(Provided data Opens)

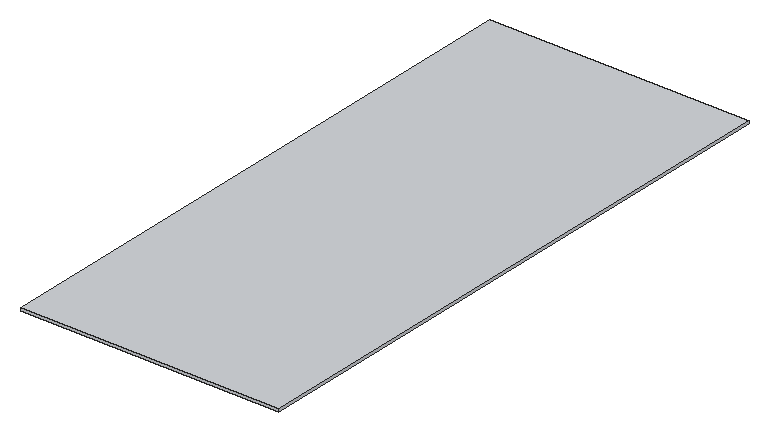
Revit family "Pnl_Furniture-Labgrade-ABET-16mm-3660x1610-M3_000000", category Arredi, Revit 2016
Family settings
  Numero OmniClass = 23.40.70.11.11
  Titolo OmniClass = Laboratory Equipment and Furnishings
  Basato su piano di lavoro = Sì
  Sempre verticale = No
  Taglio con vuoti quando caricato = Sì
  Condiviso = Sì
  Punto di calcolo locali = No
Parameters (values of type "3660x1610mm")
  Uniclass_2015_Description = "Compact or solid grade high-pressure laminate (HPL) boards"
  Uniclass2015_Code = "Pr_25_71_63_15"
  URL = "http://abetlaminati.com/en/"
  Sys_Validation4 [instance] = ""
  Sys_Validation3 [instance] = ""
  Sys_Validation2 [instance] = ""
  Sys_Validation1 [instance] = ""
  Sys_URL(Use-and-MaintenanceManual) = "http://abetlaminati.com/app/uploads/2015/07/General-recommendations-for-thin-and-compact-laminates.pdf"
  Sys_URL(TechnicalProductDataSheet) = "http://abetlaminati.com/app/uploads/2015/07/Labgrade.pdf"
  Sys_URL(ManufacturerWebsite) = "http://abetlaminati.com/en/"
  Sys_URL(DB-Management) = ""
  Sys_T1 [instance] = 0
  Sys_Sheet1 [instance] = ""
  Sys_SerialNumber [instance] = ""
  Sys_S1 [instance] = ""
  Sys_R1 [instance] = 0
  Sys_Qualification [instance] = yes
  Sys_Out-of-Production [instance] = yes
  Sys_M1 [instance] = ""
  Sys_LEED1 [instance] = ""
  Sys_LEED [instance] = 0
  Sys_K-Progress [instance] = 0
  Sys_Installer [instance] = ""
  Sys_Installation [instance] = yes
  Sys_Identification [instance] = yes
  Sys_Furnisher [instance] = ""
  Sys_F1 [instance] = 0
  Sys_Equivalent [instance] = ""
  Sys_Declaration-of-Performance [instance] = ""
  Sys_Classification = ""
  Sys_CR1 [instance] = 0
  Sys_COD1 [instance] = ""
  Sys_CE-Marking [instance] = yes
  Sys_CA1 [instance] = 0
  Sys_C1 [instance] = 0
  Sys_Acceptance [instance] = yes
  Default Elevation = 0 mm
  Produttore = "Abet Laminati S.P.A."
  Modello = "Labgrade"
  IfcExportType = "NOTDEFINED"
  IfcExportAs = "IfcFurniture"
  Descrizione = "Self-supporting material consisting of layers of kraft paper impregnated with thermosetting resins and layers of decorative paper impregnated with aminoplastic resins; all bonded together by means of high pressure (9 MPa) and heat (150 °C). The surface is nontoxic, chemically inert and physiologically safe. It is approved for use in contact with foodstuffs. For its outstanding resistance to chemicals, it is particularly suitable for applications in chemistry, physics, photographics, cosmetics, electronics and nuclear laboratories, for schools and industrial kitchens."
  Commenti sul tipo = "3660x1610mm"
  COBie_WarrantyStartDate [instance] = ""
  COBie_WarrantyGuarantorLabour = ""
  COBie_WarrantyDurationUnit = ""
  COBie_WarrantyDurationParts = 0
  COBie_WarrantyDurationLabour = 0
  COBie_WarrantyDescription = ""
  COBie_SpareParts = ""
  COBie_Size = ""
  COBie_Shape = ""
  COBie_SerialNumber [instance] = 0
  COBie_ReplacementCost = 0
  COBie_ReferencedStandard = ""
  COBie_ProductionYear = ""
  COBie_Material = ""
  COBie_InstallationDate [instance] = ""
  COBie_Grade = ""
  COBie_Finish = ""
  COBie_Features = ""
  COBie_ExpectedLife = 0
  COBie_DurationUnit = ""
  COBie_Cost = 0
  COBie_Color = ""
  ABET_Width_value = 1610 mm
  ABET_Width_max = 1610 mm  # constant formula
  ABET_Width = if(ABET_Width_value > ABET_Width_max, ABET_Width_max, ABET_Width_value)  # 1610 mm
  ABET_Thickness = 16 mm  # constant formula
  ABET_Offset = 0 mm
  ABET_Length_value = 3660 mm
  ABET_Length_max = 3660 mm  # constant formula
  ABET_Length = if(ABET_Length_value > ABET_Length_max, ABET_Length_max, ABET_Length_value)  # 3660 mm
  ABET_Labgrade_Mat [instance] = none
  ABET-Thickness-EN_438-2.5 = "±0,7 mm"
  ABET-Thermal_Conductivity-DIN_52 612 = "0,25 W/m°K"
  ABET-Tensile_strength-EN_ISO_527-2 = "≥60 Mpa"
  ABET-Straightness_edges-EN_438-2.7 = "1,5 mm/m"
  ABET-Stability_elevated_Temp-T-EN_438-2.17 = "0,6%"
  ABET-Stability_elevated_Temp-L-EN_438-2.17 = "0,3%"
  ABET-Squareness-EN_438-2.8 = "1,5 mm/m"
  ABET-R_wet_heat_100dC-EN_12721 = "4 (min)"
  ABET-R_water_vapour-EN_438-2.14 = "4 (min)"
  ABET-R_surface_wear-Wear_value-EN_438-2.10 = "≥350 giri"
  ABET-R_surface_wear-Inial_point-EN_438-2.10 = "≥150 giri"
  ABET-R_scratching-EN_438-2.25 = "3 (min)"
  ABET-R_impacy_La_D_ball-Indentation_D-EN_438-2.21 = "10 mm(max)"
  ABET-R_impacy_La_D_ball-Drop_H-EN_438-2.21 = "1800 mm(min)"
  ABET-R_imm_boiling_water-Thickness_incr-EN_438-2.12 = "2% (max)"
  ABET-R_imm_boiling_water-M_incr-EN_438-2.12 = "2% (max)"
  ABET-R_imm_boiling_water-EN_438-2.12 = "4 (min)"
  ABET-R_dry_heat_180dC-EN_438-2.16 = "4 (min)"
  ABET-R_cigarette_burns-EN_438-2.30 = "3 (min)"
  ABET-Lightfastness-EN_438-2.27 = "4 scala grigi (min)"
  ABET-Length_Width-EN_438-2.6 = "+10/0 mm"
  ABET-Flexural_strength-EN_ISO_178 = "≥80  Mpa"
  ABET-Flexural_modulus-EN_ISO_178 = "≥9.000  Mpa"
  ABET-Flatness-EN_438-2.9 = "≤3,0 mm/m"
  ABET-Electrical_R-EN_61340-4-1 = "1x10^9 - 1x10^11 Ohm"
  ABET-Density-ISO_1183 = "≥1,35 gr/cm3"
  ABET-Coeff_linear_thermal_expansion-T-ASTM_D_696 = "3,5 x  10^-5 ca  °C-1"
  ABET-Coeff_linear_thermal_expansion-L-ASTM_D_696 = "1,6 x 10^-5 ca °C-1"
Reference planes
  plane 1 "Center (Front/Back)": y = 0
  plane 2: z = 0
  plane 3 "Center (Left/Right)": x = 0
  plane 4: x = -805
  plane 5: x = 805
  plane 6: y = 1830
  plane 7: y = -1830
  plane 8: z = 0
  plane 9: z = 16
Forms (mm)
  Extrusion 1, solid, material <- "ABET_Labgrade_Mat"
    sketch origin (0, 0, 0) x (1, 0, 0) y (0, 1, 0)
      loop
        line (-805, 1830) -> (-805, -1830) -> (805, -1830) -> (805, 1830) -> (-805, 1830)
    from 0 to 16
Dimensions and locks
  equal spacing: plane 4, plane 3 "Center (Left/Right)", plane 5
  equal spacing: plane 6, plane 1 "Center (Front/Back)", plane 7
  "ABET_Offset": plane 2 to plane 8
  "ABET_Thickness": plane 8 to plane 9
  "ABET_Length": plane 6 to plane 7
  "ABET_Width": plane 4 to plane 5
  aligned and locked: level to plane 2
  aligned and locked: Extrusion 1 sketch curve to plane 6
  aligned and locked: plane 7 to Extrusion 1 sketch curve
  aligned and locked: Extrusion 1 sketch curve to plane 5
  aligned and locked: Extrusion 1 to plane 8
  aligned and locked: plane 9 to Extrusion 1
  aligned and locked: Extrusion 1 sketch curve to plane 4

(Provided data Closes)

== About this task ==
The answer is the lines above, word for word, from the first one through the one containing "Parameters (values of"; it includes no pictures.

== Exercise answer ==
Revit family "Pnl_Furniture-Labgrade-ABET-16mm-3660x1610-M3_000000", category Arredi, Revit 2016
Family settings
  Numero OmniClass = 23.40.70.11.11
  Titolo OmniClass = Laboratory Equipment and Furnishings
  Basato su piano di lavoro = Sì
  Sempre verticale = No
  Taglio con vuoti quando caricato = Sì
  Condiviso = Sì
  Punto di calcolo locali = No
Parameters (values of type "3660x1610mm")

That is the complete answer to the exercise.